AUTO INSURANCE PREMIUM
The price an insurance company charges for coverage, based on the frequency and cost of potential accidents, theft and other losses. Prices vary from company to company, as with any product or service.
Premiums also vary depending on the amount and type of coverage purchased; the make and model of the car; and the insured’s driving record, years of driving and the number of miles the car is driven per year. Other factors taken into account include the driver’s age and gender, where the car is most likely to be driven and the times of day—rush hour in an urban neighborhood or leisure time driving in rural areas, for example. Some insurance companies may also use credit history related information. (See Insurance score )

AVERAGE LENGTH OF STAY
One measure of use of health facilities, reported as an average number of inpatient days spent in a hospital or other health care facility per admission or discharge.

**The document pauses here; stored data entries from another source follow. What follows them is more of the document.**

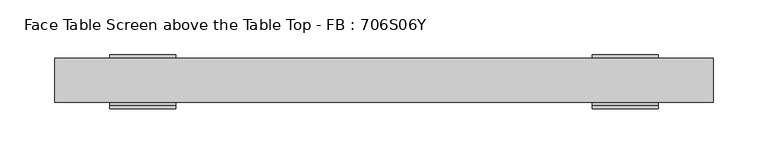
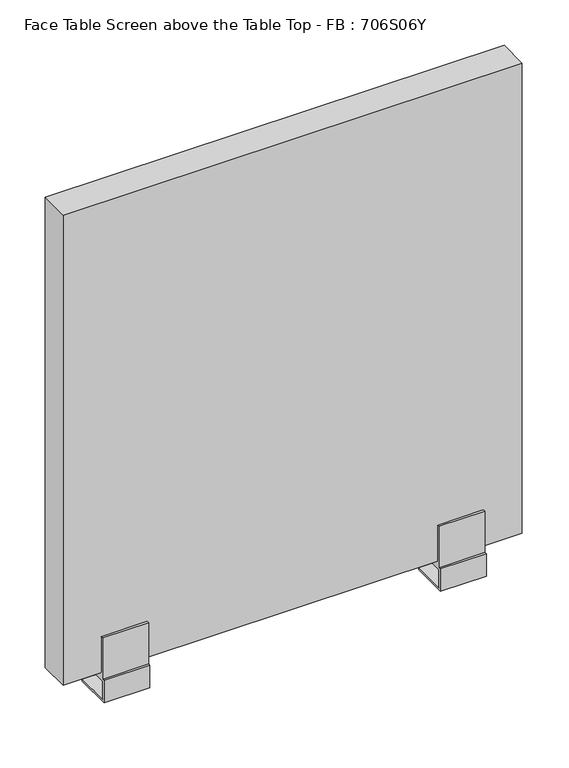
"""IFC4 building model written with IfcOpenShell, lengths in millimetres: furniture geometry, Face Table Screen above the Table Top - FB : 706S06Y."""

from ifc_helpers import new_model, si_unit, frame, origin, place, context, project, spatial, polyline, circle_curve, outline, extrude, source, transform, mapped, element, save
from ifc_brep_helpers import plane_surface, cylinder_surface, advanced_brep


def face_table_screen_above_the_table_top_fb_706s06y_4735288b(model_context):
    return source(origin(), model_context, "Body", "SolidModel", [
        advanced_brep(
        [(-225.0, 20.0, -39.4406633), (-215.0, 20.0, -39.4406633), (-215.0, 20.0, -28.0), (-225.0, 20.0, -28.0), (-250.0, 43.0, -25.0), (-250.0, -3.0, -25.0), (-190.0, -3.0, -25.0), (-190.0, 43.0, -25.0), (-250.0, -3.0, 0.0), (-250.0, 43.0, -28.0), (-250.0, -6.0, -28.0), (-250.0, -6.0, 3.0), (-250.0, -3.0, 3.0), (-250.0, -3.0, 60.0), (-250.0, 0.0, 60.0), (-250.0, 0.0, 10.0), (-250.0, 40.0, 10.0), (-250.0, 40.0, 60.0), (-250.0, 43.0, 60.0), (-250.0, 43.0, 0.0), (-190.0, -3.0, 0.0), (-190.0, 43.0, 0.0), (-190.0, 43.0, 60.0), (-190.0, 40.0, 60.0), (-190.0, 40.0, 10.0), (-190.0, 0.0, 10.0), (-190.0, 0.0, 60.0), (-190.0, -3.0, 60.0), (-190.0, -3.0, 3.0), (-190.0, -6.0, 3.0), (-190.0, -6.0, -28.0), (-190.0, 43.0, -28.0)],
        [
            (0, 1, circle_curve(frame((-220.0, 20.0, -39.4406633), z_axis=(0.0, 0.0, -1.0), x_axis=(1.0, 0.0, 0.0)), 5.0)),
            (1, 0, circle_curve(frame((-220.0, 20.0, -39.4406633), z_axis=(0.0, 0.0, -1.0), x_axis=(1.0, 0.0, 0.0)), 5.0)),
            (1, 2),
            (2, 3, circle_curve(frame((-220.0, 20.0, -28.0), z_axis=(0.0, 0.0, -1.0), x_axis=(1.0, 0.0, 0.0)), 5.0)),
            (3, 0),
            (3, 2, circle_curve(frame((-220.0, 20.0, -28.0), z_axis=(0.0, 0.0, -1.0), x_axis=(1.0, 0.0, 0.0)), 5.0)),
            (4, 5),
            (5, 6),
            (6, 7),
            (7, 4),
            (8, 5),
            (4, 9),
            (9, 10),
            (10, 11),
            (11, 12),
            (12, 13),
            (13, 14),
            (14, 15),
            (15, 16),
            (16, 17),
            (17, 18),
            (18, 19),
            (19, 8),
            (20, 21),
            (21, 22),
            (22, 23),
            (23, 24),
            (24, 25),
            (25, 26),
            (26, 27),
            (27, 28),
            (28, 29),
            (29, 30),
            (30, 31),
            (31, 7),
            (6, 20),
            (19, 21),
            (20, 8),
            (18, 22),
            (17, 23),
            (16, 24),
            (15, 25),
            (14, 26),
            (13, 27),
            (12, 28),
            (11, 29),
            (10, 30),
            (9, 31),
        ],
        [
            plane_surface(frame((-215.0, 20.0, -39.4406633), z_axis=(0.0, 0.0, -1.0), x_axis=(0.0, -1.0, 0.0))),
            cylinder_surface(frame((-220.0, 20.0, -39.4406633), z_axis=(0.0, 0.0, 1.0), x_axis=(1.0, 0.0, 0.0)), 5.0),
            plane_surface(frame((-215.0, 20.0, -25.0), z_axis=(0.0, 0.0, 1.0), x_axis=(0.0, 1.0, 0.0))),
            plane_surface(frame((-250.0, 43.0, 0.0), z_axis=(-1.0, 0.0, 0.0), x_axis=(0.0, -1.0, 0.0))),
            plane_surface(frame((-190.0, 43.0, 0.0), z_axis=(1.0, 0.0, 0.0), x_axis=(0.0, 1.0, 0.0))),
            plane_surface(frame((-190.0, -3.0, 0.0), z_axis=(0.0, 0.0, -1.0), x_axis=(-1.0, 0.0, 0.0))),
            plane_surface(frame((-190.0, 43.0, 0.0), z_axis=(0.0, 1.0, 0.0), x_axis=(-1.0, 0.0, 0.0))),
            plane_surface(frame((-190.0, 43.0, 60.0), z_axis=(0.0, 0.0, 1.0), x_axis=(-1.0, 0.0, 0.0))),
            plane_surface(frame((-190.0, 40.0, 60.0), z_axis=(0.0, -1.0, 0.0), x_axis=(-1.0, 0.0, 0.0))),
            plane_surface(frame((-190.0, 40.0, 10.0), z_axis=(0.0, 0.0, 1.0), x_axis=(-1.0, 0.0, 0.0))),
            plane_surface(frame((-190.0, 0.0, 10.0), z_axis=(0.0, 1.0, 0.0), x_axis=(-1.0, 0.0, 0.0))),
            plane_surface(frame((-190.0, 0.0, 60.0), z_axis=(0.0, 0.0, 1.0), x_axis=(-1.0, 0.0, 0.0))),
            plane_surface(frame((-190.0, -3.0, 60.0), z_axis=(0.0, -1.0, 0.0), x_axis=(-1.0, 0.0, 0.0))),
            plane_surface(frame((-190.0, -3.0, 3.0), z_axis=(0.0, 0.0, 1.0), x_axis=(-1.0, 0.0, 0.0))),
            plane_surface(frame((-190.0, -6.0, 3.0), z_axis=(0.0, -1.0, 0.0), x_axis=(-1.0, 0.0, 0.0))),
            plane_surface(frame((-190.0, -6.0, -28.0), z_axis=(0.0, 0.0, -1.0), x_axis=(-1.0, 0.0, 0.0))),
            plane_surface(frame((-190.0, 43.0, -28.0), z_axis=(0.0, 1.0, 0.0), x_axis=(-1.0, 0.0, 0.0))),
            plane_surface(frame((-190.0, -3.0, -25.0), z_axis=(0.0, 1.0, 0.0), x_axis=(-1.0, 0.0, 0.0))),
        ],
        [
            (0, [[1, 2]]),
            (1, [[-2, 3, 4, 5]]),
            (1, [[-1, -5, 6, -3]]),
            (2, [[7, 8, 9, 10]]),
            (3, [[11, -7, 12, 13, 14, 15, 16, 17, 18, 19, 20, 21, 22, 23]]),
            (4, [[24, 25, 26, 27, 28, 29, 30, 31, 32, 33, 34, 35, -9, 36]]),
            (5, [[-23, 37, -24, 38]]),
            (6, [[-22, 39, -25, -37]]),
            (7, [[-21, 40, -26, -39]]),
            (8, [[-20, 41, -27, -40]]),
            (9, [[-19, 42, -28, -41]]),
            (10, [[-18, 43, -29, -42]]),
            (11, [[-17, 44, -30, -43]]),
            (12, [[-16, 45, -31, -44]]),
            (13, [[-15, 46, -32, -45]]),
            (14, [[-14, 47, -33, -46]]),
            (15, [[-13, 48, -34, -47], [-4, -6]]),
            (16, [[-12, -10, -35, -48]]),
            (17, [[-11, -38, -36, -8]]),
        ],
    ),
        advanced_brep(
        [(215.0, 20.0, -39.4406633), (225.0, 20.0, -39.4406633), (225.0, 20.0, -28.0), (215.0, 20.0, -28.0), (190.0, 43.0, -25.0), (190.0, -3.0, -25.0), (250.0, -3.0, -25.0), (250.0, 43.0, -25.0), (190.0, -3.0, 0.0), (190.0, 43.0, -28.0), (190.0, -6.0, -28.0), (190.0, -6.0, 3.0), (190.0, -3.0, 3.0), (190.0, -3.0, 60.0), (190.0, 0.0, 60.0), (190.0, 0.0, 10.0), (190.0, 40.0, 10.0), (190.0, 40.0, 60.0), (190.0, 43.0, 60.0), (190.0, 43.0, 0.0), (250.0, -3.0, 0.0), (250.0, 43.0, 0.0), (250.0, 43.0, 60.0), (250.0, 40.0, 60.0), (250.0, 40.0, 10.0), (250.0, 0.0, 10.0), (250.0, 0.0, 60.0), (250.0, -3.0, 60.0), (250.0, -3.0, 3.0), (250.0, -6.0, 3.0), (250.0, -6.0, -28.0), (250.0, 43.0, -28.0)],
        [
            (0, 1, circle_curve(frame((220.0, 20.0, -39.4406633), z_axis=(0.0, 0.0, -1.0), x_axis=(1.0, 0.0, 0.0)), 5.0)),
            (1, 0, circle_curve(frame((220.0, 20.0, -39.4406633), z_axis=(0.0, 0.0, -1.0), x_axis=(1.0, 0.0, 0.0)), 5.0)),
            (1, 2),
            (2, 3, circle_curve(frame((220.0, 20.0, -28.0), z_axis=(0.0, 0.0, -1.0), x_axis=(1.0, 0.0, 0.0)), 5.0)),
            (3, 0),
            (3, 2, circle_curve(frame((220.0, 20.0, -28.0), z_axis=(0.0, 0.0, -1.0), x_axis=(1.0, 0.0, 0.0)), 5.0)),
            (4, 5),
            (5, 6),
            (6, 7),
            (7, 4),
            (8, 5),
            (4, 9),
            (9, 10),
            (10, 11),
            (11, 12),
            (12, 13),
            (13, 14),
            (14, 15),
            (15, 16),
            (16, 17),
            (17, 18),
            (18, 19),
            (19, 8),
            (20, 21),
            (21, 22),
            (22, 23),
            (23, 24),
            (24, 25),
            (25, 26),
            (26, 27),
            (27, 28),
            (28, 29),
            (29, 30),
            (30, 31),
            (31, 7),
            (6, 20),
            (19, 21),
            (20, 8),
            (18, 22),
            (17, 23),
            (16, 24),
            (15, 25),
            (14, 26),
            (13, 27),
            (12, 28),
            (11, 29),
            (10, 30),
            (9, 31),
        ],
        [
            plane_surface(frame((225.0, 20.0, -39.4406633), z_axis=(0.0, 0.0, -1.0), x_axis=(0.0, -1.0, 0.0))),
            cylinder_surface(frame((220.0, 20.0, -39.4406633), z_axis=(0.0, 0.0, 1.0), x_axis=(1.0, 0.0, 0.0)), 5.0),
            plane_surface(frame((225.0, 20.0, -25.0), z_axis=(0.0, 0.0, 1.0), x_axis=(0.0, 1.0, 0.0))),
            plane_surface(frame((190.0, 43.0, 0.0), z_axis=(-1.0, 0.0, 0.0), x_axis=(0.0, -1.0, 0.0))),
            plane_surface(frame((250.0, 43.0, 0.0), z_axis=(1.0, 0.0, 0.0), x_axis=(0.0, 1.0, 0.0))),
            plane_surface(frame((250.0, -3.0, 0.0), z_axis=(0.0, 0.0, -1.0), x_axis=(-1.0, 0.0, 0.0))),
            plane_surface(frame((250.0, 43.0, 0.0), z_axis=(0.0, 1.0, 0.0), x_axis=(-1.0, 0.0, 0.0))),
            plane_surface(frame((250.0, 43.0, 60.0), z_axis=(0.0, 0.0, 1.0), x_axis=(-1.0, 0.0, 0.0))),
            plane_surface(frame((250.0, 40.0, 60.0), z_axis=(0.0, -1.0, 0.0), x_axis=(-1.0, 0.0, 0.0))),
            plane_surface(frame((250.0, 40.0, 10.0), z_axis=(0.0, 0.0, 1.0), x_axis=(-1.0, 0.0, 0.0))),
            plane_surface(frame((250.0, 0.0, 10.0), z_axis=(0.0, 1.0, 0.0), x_axis=(-1.0, 0.0, 0.0))),
            plane_surface(frame((250.0, 0.0, 60.0), z_axis=(0.0, 0.0, 1.0), x_axis=(-1.0, 0.0, 0.0))),
            plane_surface(frame((250.0, -3.0, 60.0), z_axis=(0.0, -1.0, 0.0), x_axis=(-1.0, 0.0, 0.0))),
            plane_surface(frame((250.0, -3.0, 3.0), z_axis=(0.0, 0.0, 1.0), x_axis=(-1.0, 0.0, 0.0))),
            plane_surface(frame((250.0, -6.0, 3.0), z_axis=(0.0, -1.0, 0.0), x_axis=(-1.0, 0.0, 0.0))),
            plane_surface(frame((250.0, -6.0, -28.0), z_axis=(0.0, 0.0, -1.0), x_axis=(-1.0, 0.0, 0.0))),
            plane_surface(frame((250.0, 43.0, -28.0), z_axis=(0.0, 1.0, 0.0), x_axis=(-1.0, 0.0, 0.0))),
            plane_surface(frame((250.0, -3.0, -25.0), z_axis=(0.0, 1.0, 0.0), x_axis=(-1.0, 0.0, 0.0))),
        ],
        [
            (0, [[1, 2]]),
            (1, [[-2, 3, 4, 5]]),
            (1, [[-1, -5, 6, -3]]),
            (2, [[7, 8, 9, 10]]),
            (3, [[11, -7, 12, 13, 14, 15, 16, 17, 18, 19, 20, 21, 22, 23]]),
            (4, [[24, 25, 26, 27, 28, 29, 30, 31, 32, 33, 34, 35, -9, 36]]),
            (5, [[-23, 37, -24, 38]]),
            (6, [[-22, 39, -25, -37]]),
            (7, [[-21, 40, -26, -39]]),
            (8, [[-20, 41, -27, -40]]),
            (9, [[-19, 42, -28, -41]]),
            (10, [[-18, 43, -29, -42]]),
            (11, [[-17, 44, -30, -43]]),
            (12, [[-16, 45, -31, -44]]),
            (13, [[-15, 46, -32, -45]]),
            (14, [[-14, 47, -33, -46]]),
            (15, [[-13, 48, -34, -47], [-4, -6]]),
            (16, [[-12, -10, -35, -48]]),
            (17, [[-11, -38, -36, -8]]),
        ],
    ),
        extrude(outline(polyline([(300.0, 0.0), (-300.0, 0.0), (-300.0, 40.0), (300.0, 40.0), (300.0, 0.0)])), frame((0.0, 0.0, 10.0), z_axis=(0.0, 0.0, 1.0), x_axis=(1.0, 0.0, 0.0)), (0.0, 0.0, 1.0), 650.0),
    ])


if __name__ == "__main__":
    model = new_model("IFC4")
    model_context = context("Model", 3, world=origin())
    ifc_project = project(units=[si_unit("LENGTHUNIT", "METRE", prefix="MILLI")], contexts=[model_context])
    site = spatial("IfcSite", under=ifc_project)
    building = spatial("IfcBuilding", under=site)
    placement = place(None, origin())
    face_table_screen_above_the_table_top_fb_706s06y_shape = face_table_screen_above_the_table_top_fb_706s06y_4735288b(model_context)
    element("IfcFurniture", 1, ObjectType="Face Table Screen above the Table Top - FB : 706S06Y", at=placement, inside=building, context=model_context, shape_type="MappedRepresentation", body=[
        mapped(face_table_screen_above_the_table_top_fb_706s06y_shape, transform((0.0, 0.0, 0.0), x_axis=(1.0, 0.0, 0.0), y_axis=(0.0, 1.0, 0.0), z_axis=(0.0, 0.0, 1.0))),
    ])
    save(model, "model.ifc")
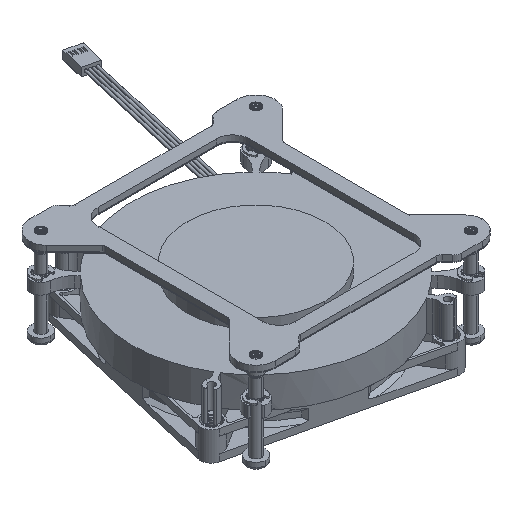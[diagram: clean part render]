
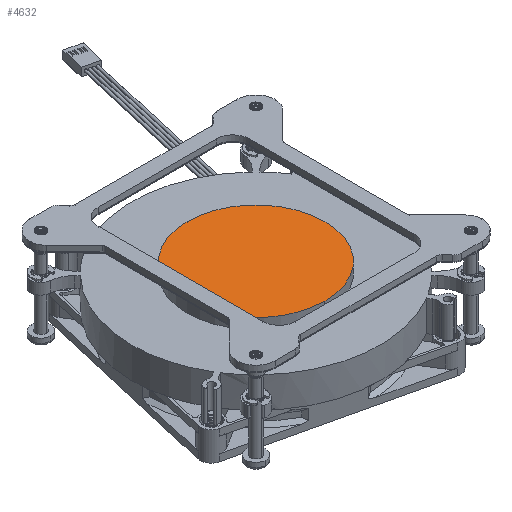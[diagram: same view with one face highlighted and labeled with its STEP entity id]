
A CAD part, isometric view. The second image highlights one B-rep face of the part: STEP entity #4632.
In plain terms, the highlighted planar face has unit normal (0, 0, 1) as drawn and (0, -1, 0) by its records, which use the part's own axes.
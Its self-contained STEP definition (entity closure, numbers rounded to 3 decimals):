
#4513=CARTESIAN_POINT('',(0.,0.,0.));
#4514=DIRECTION('',(0.,1.,0.));
#4515=DIRECTION('',(0.,0.,-1.));
#4516=AXIS2_PLACEMENT_3D('',#4513,#4514,#4515);
#4518=CARTESIAN_POINT('',(0.,0.,0.));
#4519=DIRECTION('',(0.,1.,0.));
#4520=DIRECTION('',(0.,0.,1.));
#4521=AXIS2_PLACEMENT_3D('',#4518,#4519,#4520);
#4535=CARTESIAN_POINT('',(0.,0.,25.));
#4536=VERTEX_POINT('',#4535);
#4537=CARTESIAN_POINT('',(0.,0.,-25.));
#4538=VERTEX_POINT('',#4537);
#4623=CARTESIAN_POINT('',(0.,0.,0.));
#4624=DIRECTION('',(0.,1.,0.));
#4625=DIRECTION('',(0.,0.,1.));
#4626=AXIS2_PLACEMENT_3D('',#4623,#4624,#4625);
#4627=PLANE('',#4626);
#4628=ORIENTED_EDGE('',*,*,#4602,.T.);
#4629=ORIENTED_EDGE('',*,*,#4617,.T.);
#4630=EDGE_LOOP('',(#4628,#4629));
#4631=FACE_OUTER_BOUND('',#4630,.F.);
#4632=ADVANCED_FACE('',(#4631),#4627,.F.);
#4517=CIRCLE('',#4516,25.);
#4522=CIRCLE('',#4521,25.);
#4602=EDGE_CURVE('',#4538,#4536,#4517,.T.);
#4617=EDGE_CURVE('',#4536,#4538,#4522,.T.);

It is calculated as follows: total number of days in the facility for all admissions during a particular period divided by the number of admissions during the same period. Average lengths of stay vary and are measured by age, specific diagnosis, or sources of payment.

AVIATION INSURANCE
Commercial airlines hold property insurance on airplanes and liability insurance for negligent acts that result in injury or property damage to passengers or others. Damage is covered on the ground and in the air. The policy limits the geographical area and individual pilots covered. An insurance professional skilled in the analysis, evaluation and management of statistical information. Evaluates insurance firms’ reserves, determines rates and rating methods, and determines other business and financial risks.